Apple lost a whopping nine billion bucks in 2018 by overpaying for its own shares.

A report Thursday by The Wall Street Journal details the extend of Apple’s miscalculation, saying Apple along with other major US companies bought back its own shares after repatriating its cash parked overseas thanks to Trump’s 2017 tax overhaul.

The Tax Cuts and Jobs Act has permitted companies to shift foreign earnings to the US by slashing the corporate tax rate to 21% from 35%. Securities filings prove that the Cupertino tech giant bought back nearly $63 billion worth of shares during the first half of 2018.

But due to Apple’s stock decline and the recent plunge in stock prices, those repurchased shares are currently worth $54 billion, meaning it lost $9 billion to that underperforming investment.

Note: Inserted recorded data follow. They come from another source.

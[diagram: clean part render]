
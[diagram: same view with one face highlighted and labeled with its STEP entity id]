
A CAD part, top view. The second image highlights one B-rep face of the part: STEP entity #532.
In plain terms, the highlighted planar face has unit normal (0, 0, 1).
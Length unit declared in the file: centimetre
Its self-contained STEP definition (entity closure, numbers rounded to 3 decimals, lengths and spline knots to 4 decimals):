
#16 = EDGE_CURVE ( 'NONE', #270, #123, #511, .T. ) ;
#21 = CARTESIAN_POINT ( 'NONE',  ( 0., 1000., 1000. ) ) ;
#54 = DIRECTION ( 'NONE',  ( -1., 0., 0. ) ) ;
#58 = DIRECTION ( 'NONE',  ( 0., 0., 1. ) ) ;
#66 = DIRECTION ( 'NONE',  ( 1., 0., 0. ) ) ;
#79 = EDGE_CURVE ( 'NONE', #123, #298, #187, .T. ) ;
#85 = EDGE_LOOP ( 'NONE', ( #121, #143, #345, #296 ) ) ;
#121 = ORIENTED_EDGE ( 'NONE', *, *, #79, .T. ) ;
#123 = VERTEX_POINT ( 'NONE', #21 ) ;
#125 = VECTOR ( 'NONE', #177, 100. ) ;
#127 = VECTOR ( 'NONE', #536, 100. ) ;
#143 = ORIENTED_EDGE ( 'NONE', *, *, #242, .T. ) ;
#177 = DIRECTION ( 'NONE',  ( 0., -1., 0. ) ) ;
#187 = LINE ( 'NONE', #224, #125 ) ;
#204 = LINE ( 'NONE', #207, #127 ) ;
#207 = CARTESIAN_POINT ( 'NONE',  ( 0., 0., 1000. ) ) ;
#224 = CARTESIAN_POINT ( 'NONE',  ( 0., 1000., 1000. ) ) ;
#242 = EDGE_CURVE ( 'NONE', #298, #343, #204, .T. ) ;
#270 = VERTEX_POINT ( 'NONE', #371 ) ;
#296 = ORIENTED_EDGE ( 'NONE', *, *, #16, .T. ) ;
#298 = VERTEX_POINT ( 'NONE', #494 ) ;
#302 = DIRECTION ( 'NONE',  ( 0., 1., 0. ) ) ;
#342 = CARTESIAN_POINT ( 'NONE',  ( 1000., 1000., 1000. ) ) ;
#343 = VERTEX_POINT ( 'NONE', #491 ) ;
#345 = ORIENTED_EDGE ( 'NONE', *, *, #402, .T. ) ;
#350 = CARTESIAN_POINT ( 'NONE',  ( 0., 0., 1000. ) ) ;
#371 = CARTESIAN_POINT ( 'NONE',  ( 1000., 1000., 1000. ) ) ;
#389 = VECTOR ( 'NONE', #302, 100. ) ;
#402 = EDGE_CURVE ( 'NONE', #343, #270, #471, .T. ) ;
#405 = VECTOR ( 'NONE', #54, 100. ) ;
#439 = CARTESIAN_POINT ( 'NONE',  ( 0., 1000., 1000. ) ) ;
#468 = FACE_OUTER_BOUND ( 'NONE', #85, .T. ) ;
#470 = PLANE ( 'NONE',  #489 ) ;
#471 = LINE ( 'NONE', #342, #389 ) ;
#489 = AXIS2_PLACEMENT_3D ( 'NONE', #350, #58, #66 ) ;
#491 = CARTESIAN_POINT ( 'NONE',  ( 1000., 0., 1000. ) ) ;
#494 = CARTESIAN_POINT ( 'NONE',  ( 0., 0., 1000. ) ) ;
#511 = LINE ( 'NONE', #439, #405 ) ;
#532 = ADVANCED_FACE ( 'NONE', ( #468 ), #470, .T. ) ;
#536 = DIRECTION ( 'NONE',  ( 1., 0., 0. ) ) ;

In May, Apple’s finance chief Luca Maestri said the company wanted to be “particularly thoughtful and flexible” in its buyback approach.

Howard Silverblatt, senior index analyst at S&P Dow Jones Indices, summed it up nicely, saying: “Apple makes iPhones. Timing the market is not what they do.”

Other companies that repurchased shares at rich prices only to see their value decline sharply include Wells Fargo (-$2.7 billion), Citigroup (-$2.8 billion) and Applied Materials (-$1.8 billion).

Companies usually buy back their own shares when other major sources of growth have been exhausted. By buying back its shares, a company reduces share counts which in turn artificially boosts the earnings per share reported to investors.

As an example, Apple’s buybacks in 2018 have reduced its shares outstanding by about 6.7%, raising its earnings per share as its profits are spread across fewer shares.